### Task directions:
Pick out all lines of the entries that include the word "surface" and copy them.

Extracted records
*** Begin section ***

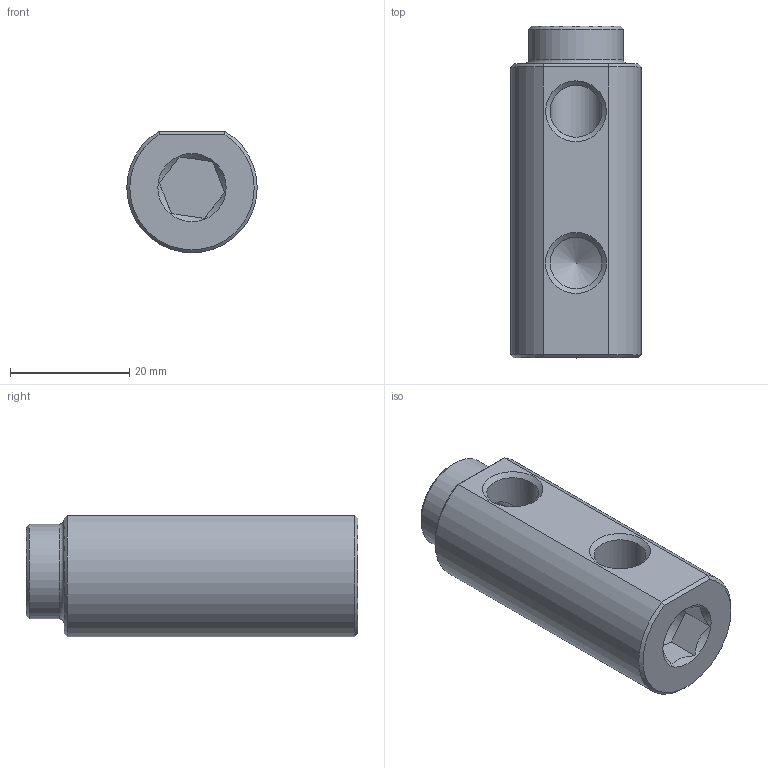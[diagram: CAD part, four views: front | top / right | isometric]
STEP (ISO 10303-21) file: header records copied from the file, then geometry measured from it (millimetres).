
FILE_DESCRIPTION(/* description */ (''),/* implementation_level */ '2;1');
FILE_NAME(/* name */ 'C:/Users/drich/Desktop/E181H v2.step',/* time_stamp */ '2019-11-18T13:46:18-06:00',/* author */ (''),/* organization */ (''),/* preprocessor_version */ 'ST-DEVELOPER v18',/* originating_system */ 'Autodesk Translation Framework v8.12.0.6',/* authorisation */ '');
FILE_SCHEMA (('AUTOMOTIVE_DESIGN { 1 0 10303 214 3 1 1 }'));
Length unit declared in the file: inch
Products named in the file (2): E181H; E181H_1
Assembly tree (1 placements, depth 2):
  E181H
    E181H_1
Bounding box: 21.84 x 55.55 x 20.37 mm (x, y, z)
Volume: 15339.9 mm3; surface area: 5885.9 mm2
Topology: 1 solids, 1 shells, 33 faces, 82 edges, 54 vertices
Faces by surface type: plane 14, cone 11, cylinder 7, torus 1
Full cylindrical faces by diameter (mm): 5.474 x1, 8.707 x3, 11.176 x1, 15.85 x1
Entity records: 1122 total; most frequent: CARTESIAN_POINT 276, DIRECTION 169, ORIENTED_EDGE 162, EDGE_CURVE 81, AXIS2_PLACEMENT_3D 69, VERTEX_POINT 54, EDGE_LOOP 41, FACE_OUTER_BOUND 33

*** End section ***

### Task answer:
Volume: 15339.9 mm3; surface area: 5885.9 mm2
Faces by surface type: plane 14, cone 11, cylinder 7, torus 1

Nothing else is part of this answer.